TASK OBJECTIVE —
Transcribe the records in full; omit images.

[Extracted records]
::::::::::
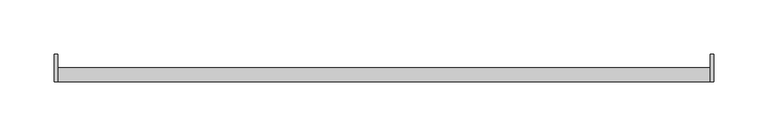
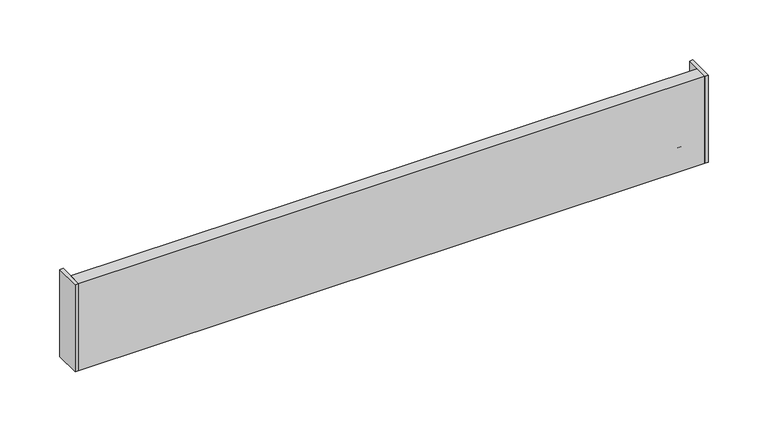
"""IFC4 building model written with IfcOpenShell, lengths in millimetres: furniture geometry."""

from ifc_helpers import new_model, si_unit, frame, origin, place, context, project, spatial, polyline, outline, extrude, source, transform, mapped, element, save


def furniture_cd3984e7(model_context):
    return source(origin(), model_context, "Body", "SweptSolid", [
        extrude(outline(polyline([(-301.625, 12.6999996), (-301.625, -12.7000004), (-304.8, -12.7000004), (-304.8, 12.6999996), (-301.625, 12.6999996)])), frame((0.0, 0.0, 723.9), z_axis=(0.0, 0.0, 1.0), x_axis=(1.0, 0.0, 0.0)), (0.0, 0.0, 1.0), 88.9),
        extrude(outline(polyline([(304.8, 12.6999996), (304.8, -12.7000004), (301.625, -12.7000004), (301.625, 12.6999996), (304.8, 12.6999996)])), frame((0.0, 0.0, 723.9), z_axis=(0.0, 0.0, 1.0), x_axis=(1.0, 0.0, 0.0)), (0.0, 0.0, 1.0), 88.9),
        extrude(outline(polyline([(301.625, 0.0), (301.625, -12.7000004), (-301.625, -12.7000004), (-301.625, 0.0), (301.625, 0.0)])), frame((0.0, 0.0, 723.9), z_axis=(0.0, 0.0, 1.0), x_axis=(1.0, 0.0, 0.0)), (0.0, 0.0, 1.0), 88.9),
        extrude(outline(polyline([(-12.7000004, 800.0999966), (-12.7000004, 812.8), (0.0, 812.8), (0.0, 723.9), (-12.7000004, 723.9), (-12.7000004, 749.2999966), (-3.1750002, 749.2999966), (-3.1750002, 761.9999966), (-12.7000004, 761.9999966), (-12.7000004, 787.3999966), (-3.1750002, 787.3999966), (-3.1750002, 800.0999966), (-12.7000004, 800.0999966)])), frame((-301.625, 0.0, 0.0), z_axis=(1.0, 0.0, 0.0), x_axis=(0.0, 1.0, 0.0)), (0.0, 0.0, 1.0), 603.25),
        extrude(outline(polyline([(-12.7000004, 812.8), (0.0, 812.8), (0.0, 800.0999966), (12.6999996, 800.0999966), (12.6999996, 736.599997), (0.0, 736.599997), (0.0, 723.9), (-12.7000004, 723.9), (-12.7000004, 812.8)])), frame((-304.8, 0.0, 0.0), z_axis=(1.0, 0.0, 0.0), x_axis=(0.0, 1.0, 0.0)), (0.0, 0.0, 1.0), 3.175),
        extrude(outline(polyline([(-12.7000004, 812.8), (0.0, 812.8), (0.0, 800.0999966), (12.6999996, 800.0999966), (12.6999996, 736.599997), (0.0, 736.599997), (0.0, 723.9), (-12.7000004, 723.9), (-12.7000004, 812.8)])), frame((301.625, 0.0, 0.0), z_axis=(1.0, 0.0, 0.0), x_axis=(0.0, 1.0, 0.0)), (0.0, 0.0, 1.0), 3.175),
    ])


if __name__ == "__main__":
    model = new_model("IFC4")
    model_context = context("Model", 3, world=origin())
    ifc_project = project(units=[si_unit("LENGTHUNIT", "METRE", prefix="MILLI")], contexts=[model_context])
    site = spatial("IfcSite", under=ifc_project)
    building = spatial("IfcBuilding", under=site)
    placement = place(None, origin())
    furniture_shape = furniture_cd3984e7(model_context)
    element("IfcFurniture", 1, ObjectType="HermanMiller_ActionOffice_A3610_ToolBar : 4\"H x 24\"W", at=placement, inside=building, context=model_context, shape_type="MappedRepresentation", body=[
        mapped(furniture_shape, transform((0.0, 0.0, 0.0), x_axis=(1.0, 0.0, 0.0), y_axis=(0.0, 1.0, 0.0), z_axis=(0.0, 0.0, 1.0))),
    ])
    save(model, "model.ifc")
::::::::::
TASK RESULT —
"""IFC4 building model written with IfcOpenShell, lengths in millimetres: furniture geometry."""

from ifc_helpers import new_model, si_unit, frame, origin, place, context, project, spatial, polyline, outline, extrude, source, transform, mapped, element, save


def furniture_cd3984e7(model_context):
    return source(origin(), model_context, "Body", "SweptSolid", [
        extrude(outline(polyline([(-301.625, 12.6999996), (-301.625, -12.7000004), (-304.8, -12.7000004), (-304.8, 12.6999996), (-301.625, 12.6999996)])), frame((0.0, 0.0, 723.9), z_axis=(0.0, 0.0, 1.0), x_axis=(1.0, 0.0, 0.0)), (0.0, 0.0, 1.0), 88.9),
        extrude(outline(polyline([(304.8, 12.6999996), (304.8, -12.7000004), (301.625, -12.7000004), (301.625, 12.6999996), (304.8, 12.6999996)])), frame((0.0, 0.0, 723.9), z_axis=(0.0, 0.0, 1.0), x_axis=(1.0, 0.0, 0.0)), (0.0, 0.0, 1.0), 88.9),
        extrude(outline(polyline([(301.625, 0.0), (301.625, -12.7000004), (-301.625, -12.7000004), (-301.625, 0.0), (301.625, 0.0)])), frame((0.0, 0.0, 723.9), z_axis=(0.0, 0.0, 1.0), x_axis=(1.0, 0.0, 0.0)), (0.0, 0.0, 1.0), 88.9),
        extrude(outline(polyline([(-12.7000004, 800.0999966), (-12.7000004, 812.8), (0.0, 812.8), (0.0, 723.9), (-12.7000004, 723.9), (-12.7000004, 749.2999966), (-3.1750002, 749.2999966), (-3.1750002, 761.9999966), (-12.7000004, 761.9999966), (-12.7000004, 787.3999966), (-3.1750002, 787.3999966), (-3.1750002, 800.0999966), (-12.7000004, 800.0999966)])), frame((-301.625, 0.0, 0.0), z_axis=(1.0, 0.0, 0.0), x_axis=(0.0, 1.0, 0.0)), (0.0, 0.0, 1.0), 603.25),
        extrude(outline(polyline([(-12.7000004, 812.8), (0.0, 812.8), (0.0, 800.0999966), (12.6999996, 800.0999966), (12.6999996, 736.599997), (0.0, 736.599997), (0.0, 723.9), (-12.7000004, 723.9), (-12.7000004, 812.8)])), frame((-304.8, 0.0, 0.0), z_axis=(1.0, 0.0, 0.0), x_axis=(0.0, 1.0, 0.0)), (0.0, 0.0, 1.0), 3.175),
        extrude(outline(polyline([(-12.7000004, 812.8), (0.0, 812.8), (0.0, 800.0999966), (12.6999996, 800.0999966), (12.6999996, 736.599997), (0.0, 736.599997), (0.0, 723.9), (-12.7000004, 723.9), (-12.7000004, 812.8)])), frame((301.625, 0.0, 0.0), z_axis=(1.0, 0.0, 0.0), x_axis=(0.0, 1.0, 0.0)), (0.0, 0.0, 1.0), 3.175),
    ])


if __name__ == "__main__":
    model = new_model("IFC4")
    model_context = context("Model", 3, world=origin())
    ifc_project = project(units=[si_unit("LENGTHUNIT", "METRE", prefix="MILLI")], contexts=[model_context])
    site = spatial("IfcSite", under=ifc_project)
    building = spatial("IfcBuilding", under=site)
    placement = place(None, origin())
    furniture_shape = furniture_cd3984e7(model_context)
    element("IfcFurniture", 1, ObjectType="HermanMiller_ActionOffice_A3610_ToolBar : 4\"H x 24\"W", at=placement, inside=building, context=model_context, shape_type="MappedRepresentation", body=[
        mapped(furniture_shape, transform((0.0, 0.0, 0.0), x_axis=(1.0, 0.0, 0.0), y_axis=(0.0, 1.0, 0.0), z_axis=(0.0, 0.0, 1.0))),
    ])
    save(model, "model.ifc")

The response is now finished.